La idea suena bien, suena a transparente, a las ganas de escuchar que Obama viene prometiendo desde la camapaña. Suena a cambio no sólo en Estados Unidos sino en la forma de hacer política y comunicarse con los ciudadanos.

Sin embargo, puede que muchos se queden con las ganas de conocer lo que la administración maneja “por dentro”, no con grupos ajenos. Veremos hasta dónde llega el diálogo…

Un equipo de altura

Tuesday, December 2nd, 2008

Y el podio también.

Ya podían haber puesto un escaloncito para los miembros del equipo de Obama que no llegaban al micrófono… Hillary Clinton, la mas experimentada ante las cámaras, reaccionó inmediatamente y bajó los micrófonos que le tapaban la cara, pero según iban pasando los demás por delante, seguían arruinando planos de televisón y reportajes fotográficos.

Huffingonpost.com no ha tardado en recogerlo, aquí esta la presentación que han montado:


Pincha en la imagen para acceder a la presentacion.

La noche que no olvidaré

Thursday, November 6th, 2008

No se me olvidará que hace unos años alguien me dijo que nunca dejara de soñar, por difícil que pareciera el sueño. Que la vida se encarga de robarte cosas, de ponerte obstáculos, y si no te atreves a soñar, siempre te quedarás lejos de donde querías llegar.

Live high. Dream high.

No se me olvidarán las 12 horas delante del ordenador, el vuelco en el estomago cada vez que me decía a mi misma “estoy cubriendo unas elecciones, éstas elecciones”, cada vez que me acordaba que hace apenas un año empece un blog diciendo que quizás no empezaría a escribir en el papel, sino en Internet.

One Way Or Another.
Y se ha cumplido.

No se me olvidarán las imágenes de Chicago, pero mucho menos la de las calles de Washington, la gente gritando cada vez que alguien salía de un portal para unirse a la fiesta, los coches pitando, las banderas, la gente gritando por las ventanas, coches parados en medio de la calle con gente bailando encima, los abrazos espontáneos entre extraños… la sensación de que no había ganado una persona, un equipo, sino un movimiento de gente empujando desde hace dos años.

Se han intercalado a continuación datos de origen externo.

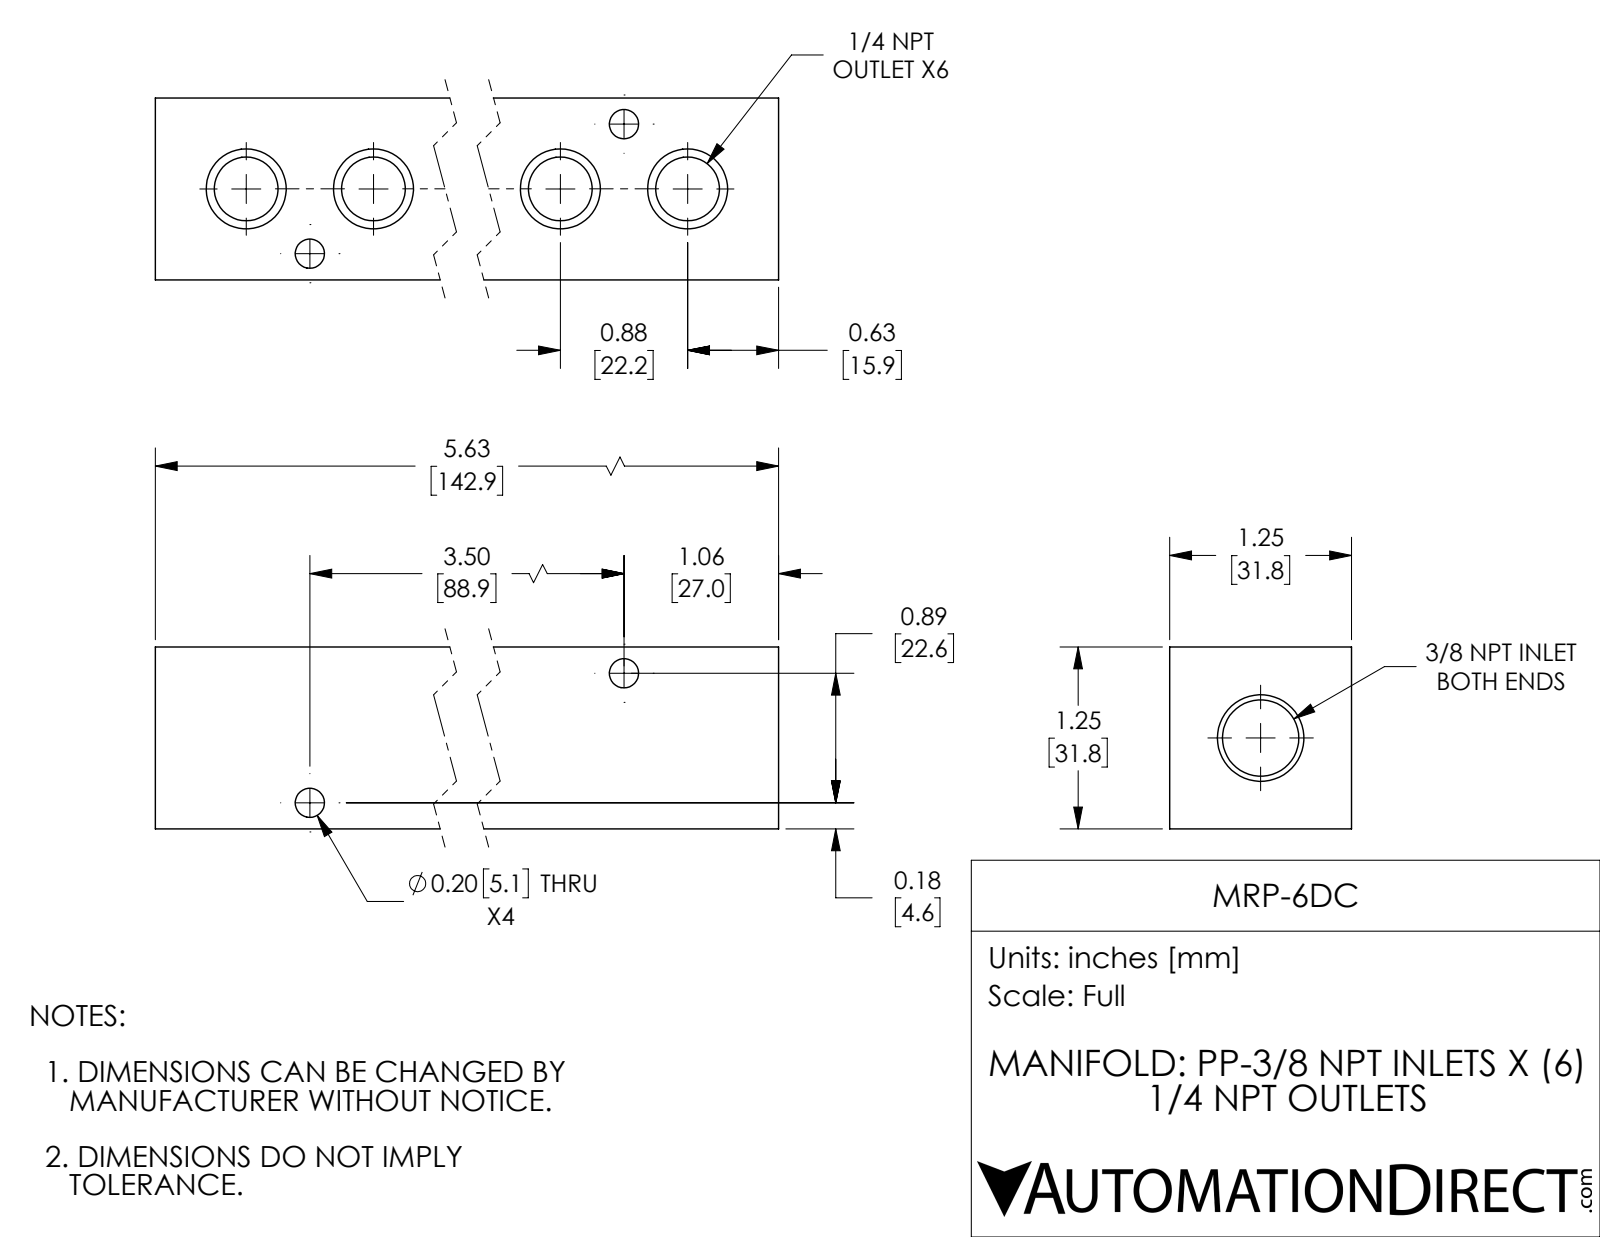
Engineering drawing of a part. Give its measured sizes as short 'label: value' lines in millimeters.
name: MRP-6DC
written by: SolidWorks 2018 (AUTOMOTIVE_DESIGN)
unit: mm
bodies: 1 solid, 52 faces (6 planar, 30 cylindrical, 16 other)
size: 142.9 × 31.8 × 31.8
volume: 115 600 mm³; area: 28 320 mm²
holes: 6× ⌀11.1, 4× ⌀5.1, 1× ⌀13.3
face distances: 31.8, 142.9
hole spacings: 15.8, 22.2, 44.5, 22.2, 66.7, 91.7, 100.7, 35.2
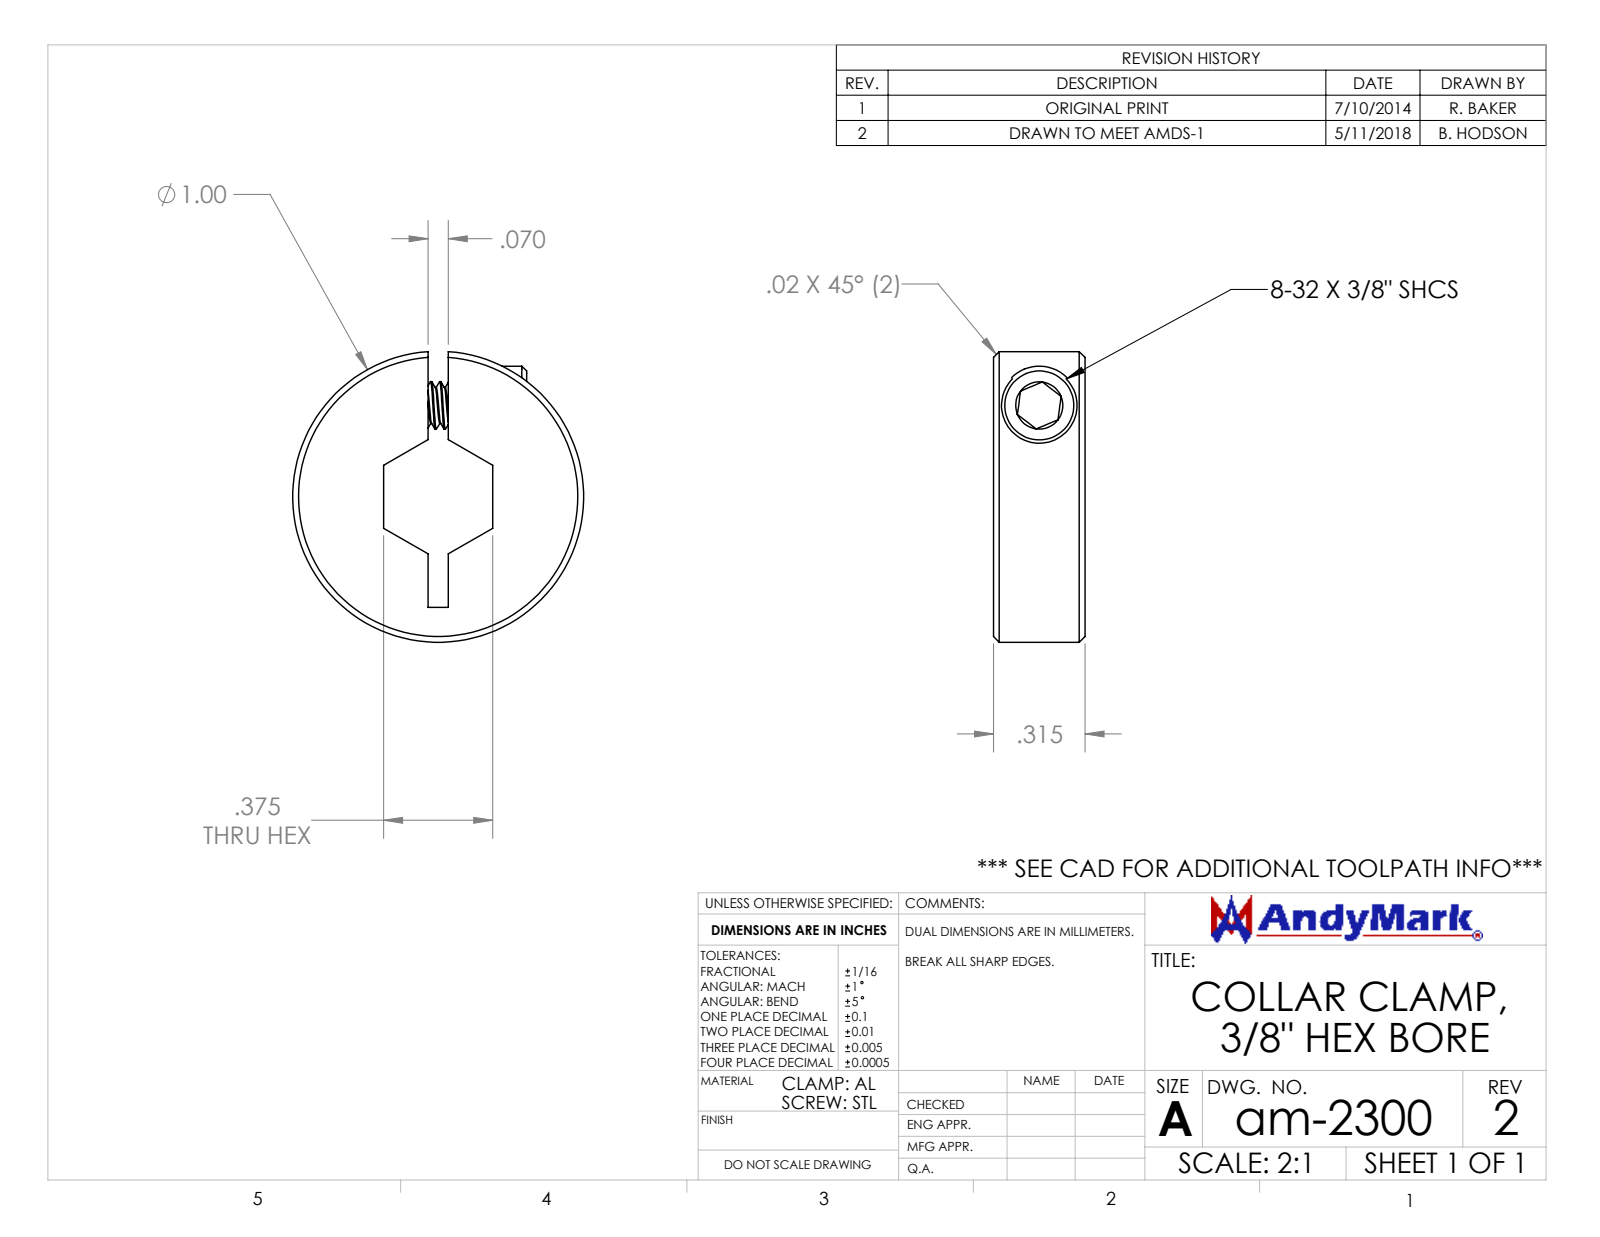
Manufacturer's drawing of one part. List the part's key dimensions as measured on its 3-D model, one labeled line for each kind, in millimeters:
Part name (STEP PRODUCT): am-2300 Collar Clamp, 0.375'''''''' Hex Bore, Aluminum REV2; am-2300 Clamp Only; am-2300 Screw Only_91251A192
STEP written by: SolidWorks 2017 (AUTOMOTIVE_DESIGN)
Units: millimetres
Bodies: 2 solids, 105 faces (24 planar, 60 cylindrical, 21 other)
Overall size (bounding box): 25.4 × 25.4 × 8
Volume: 3 100 mm³ · Surface area: 2 407 mm²
Round holes (diameter × count): ⌀6.6 ×1
Round bosses / shafts (diameter × count): ⌀25.4 ×1, ⌀6.9 ×1, ⌀4.2 ×1, ⌀3.1 ×1
Main face-to-face distances: 8, 9.5, 3.9, 5.6, 1.8, 8.3, 4.4, 2.7, 1.2, 3.6
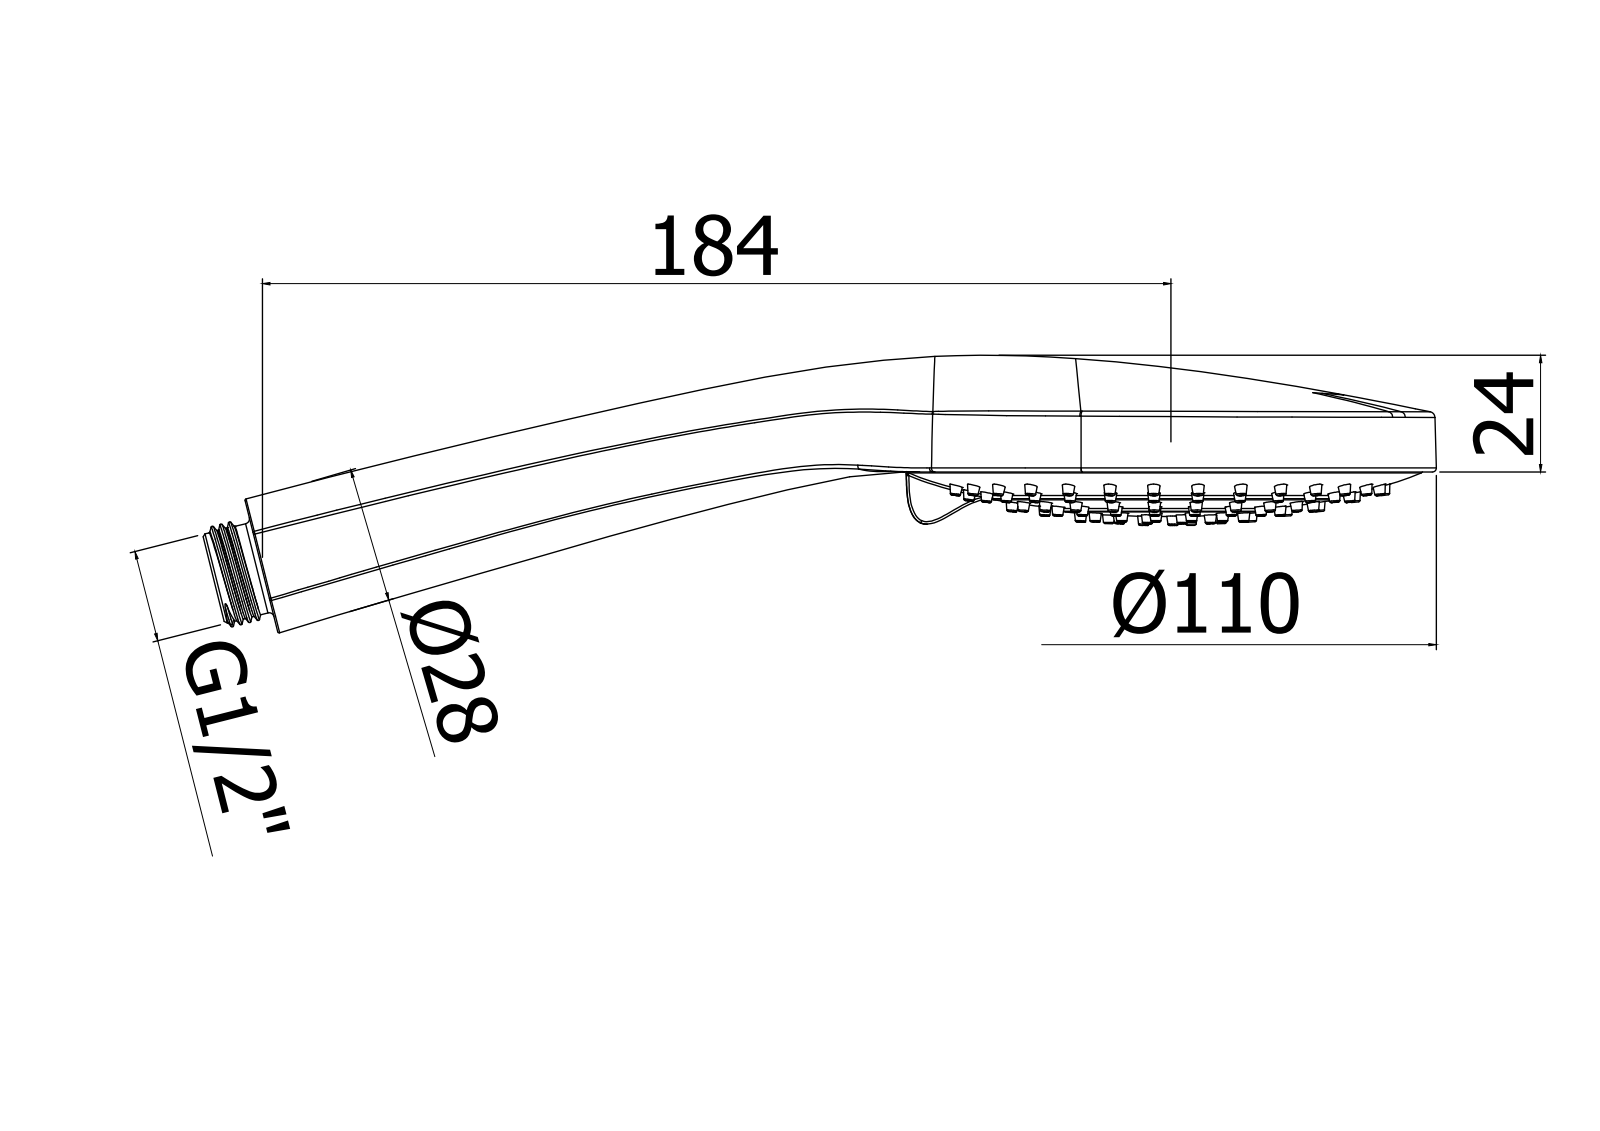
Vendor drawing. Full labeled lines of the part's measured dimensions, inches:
Part name (STEP PRODUCT): ZDOC125CR
STEP written by: CREO PARAMETRIC BY PTC INC, 2020044 (CONFIG_CONTROL_DESIGN)
Units: inches
Bodies: 2 solids, 3389 faces (647 planar, 586 cylindrical, 2156 other)
Overall size (bounding box): 9.835 × 4.329 × 2.215
Volume: 5.622 in³ · Surface area: 159.1 in²
Round holes (diameter × count): ⌀0.091 ×3, ⌀0.315 ×1, ⌀3.922 ×1
Round bosses / shafts (diameter × count): ⌀0.184 ×71, ⌀0.173 ×30, ⌀0.183 ×25, ⌀0.22 ×3, ⌀0.183 ×2, ⌀0.733 ×1, ⌀0.709 ×1
Partial cylindrical surfaces — rounded edges, fillets, slot ends (radius × count): R0.02 ×90, R0.039 ×64, R0.012 ×46, R0.031 ×37, R0.079 ×6, R0.118 ×4, R0.051 ×2, R1.472 ×2
Main face-to-face distances: 0.059, 0.734, 0.287, 0.256, 0.032, 0.201, 0.117, 0.079, 0.057, 0.142
Hole centre spacings: 0.896, 1.122, 0.551, 1.772
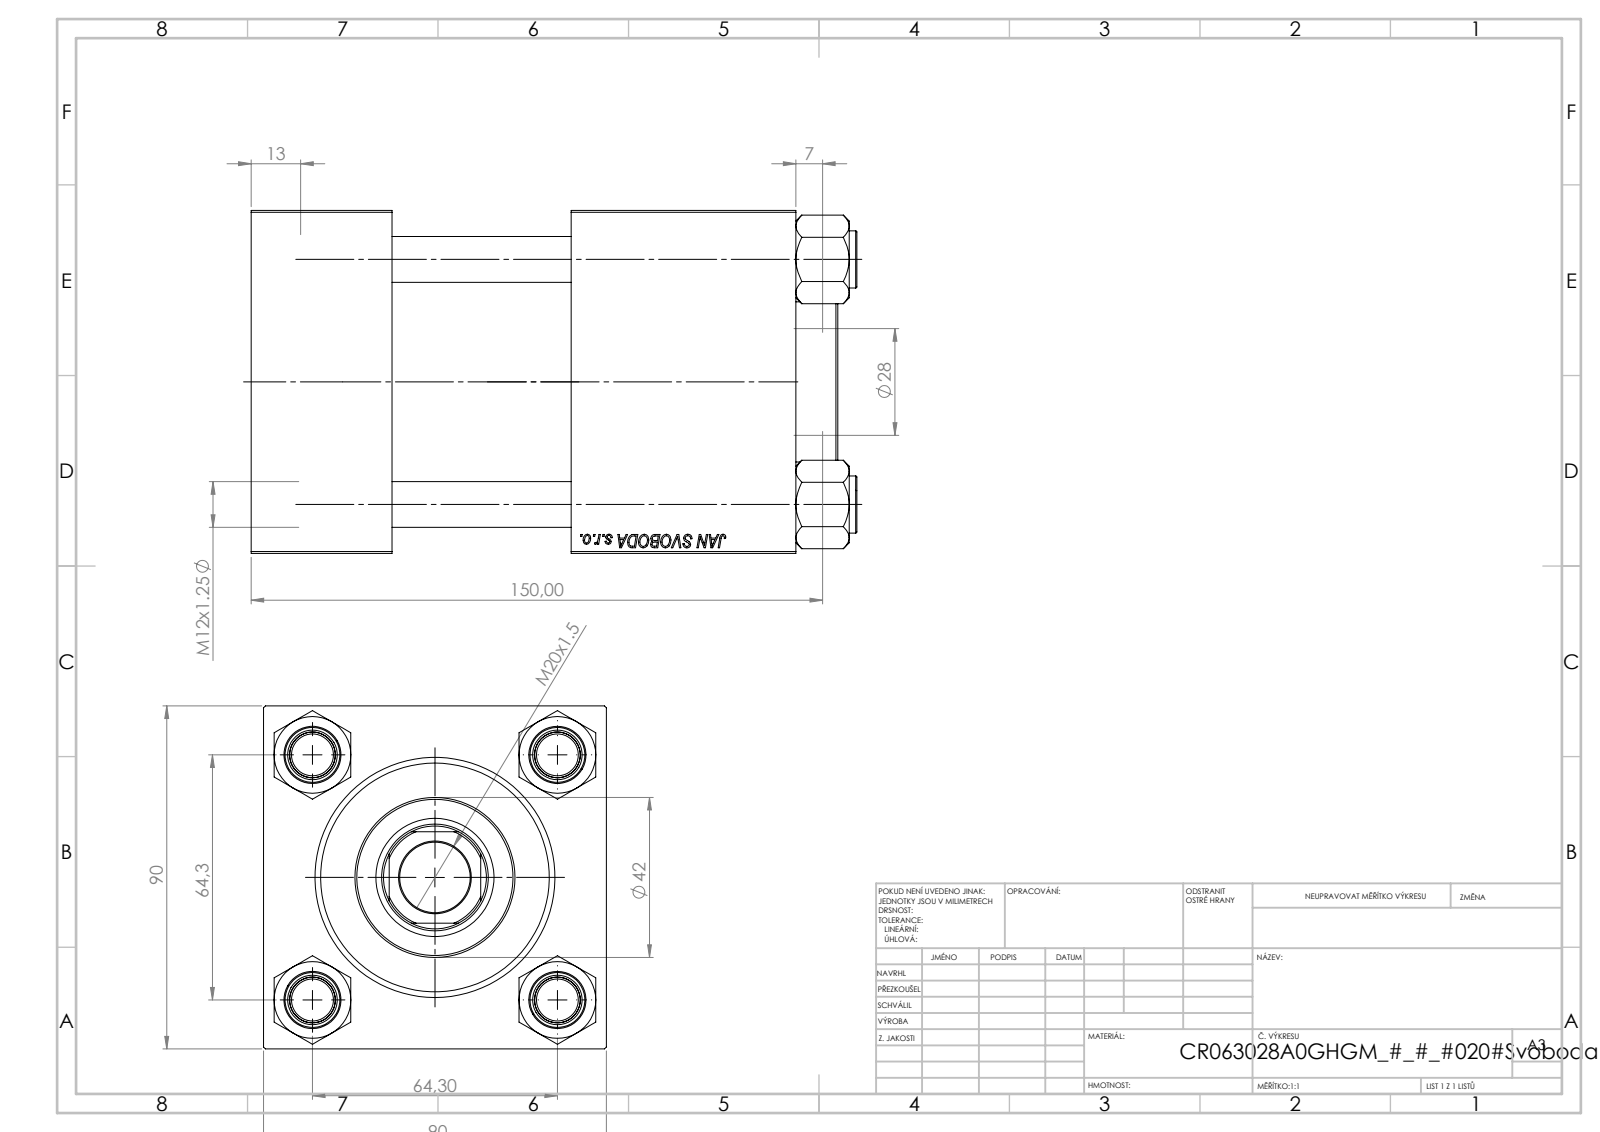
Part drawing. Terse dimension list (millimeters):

No se me olvidará el ruido de los tambores, la gente haciendo cola para tener una foto delante de la fachada con la imagen de Obama.
Incluida yo misma.

No se me olvidará la cara de felicidad de la chica subida a la parada de autobús, tocando un tambor, animada por la gente como una estrella de rock; la mujer en trance bailando junto a los músicos, tres extraños y un tambor.

No se me olvidará la cara de los adolescentes, de las parejas de blancos, hispanos, hindús, etíopes, todos mezclados, algo tan difícil de ver por estas calles.

No se me olvidará el silencio en Chicago minutos antes de la fiesta, la quietud mientras hablaba Obama, las lágrimas de Jesee Jackson y la mujer negra que hace no tanto no tenía derecho a votar, quizás tampoco a coger el autobús y sentarse donde ella quería.

No se me olvidará el discurso de Yes We Can, y el susurro de miles de personas como una plegaria.
Yes We Can

No se me olvidará que lo que significa el 4 de Noviembre no es la victoria de unas elecciones si no la victoria de todas esas personas que se han atrevido a hablar, a tener una conversación sincera consigo mismos, con los demás, y se han atrevido a dudar: de verdad importa tanto que sea negro a la hora de decidir un voto, a la hora de liderar este país?

No está todo ganado, pero hablando es como se empieza y el triunfo de todas esas conversaciones es lo que significa para mi el 4 de Noviembre.

El triunfo de quien se atreve a soñar, a empujar al mundo para que cambie, aunque el mundo no quiera atreverse a soñar.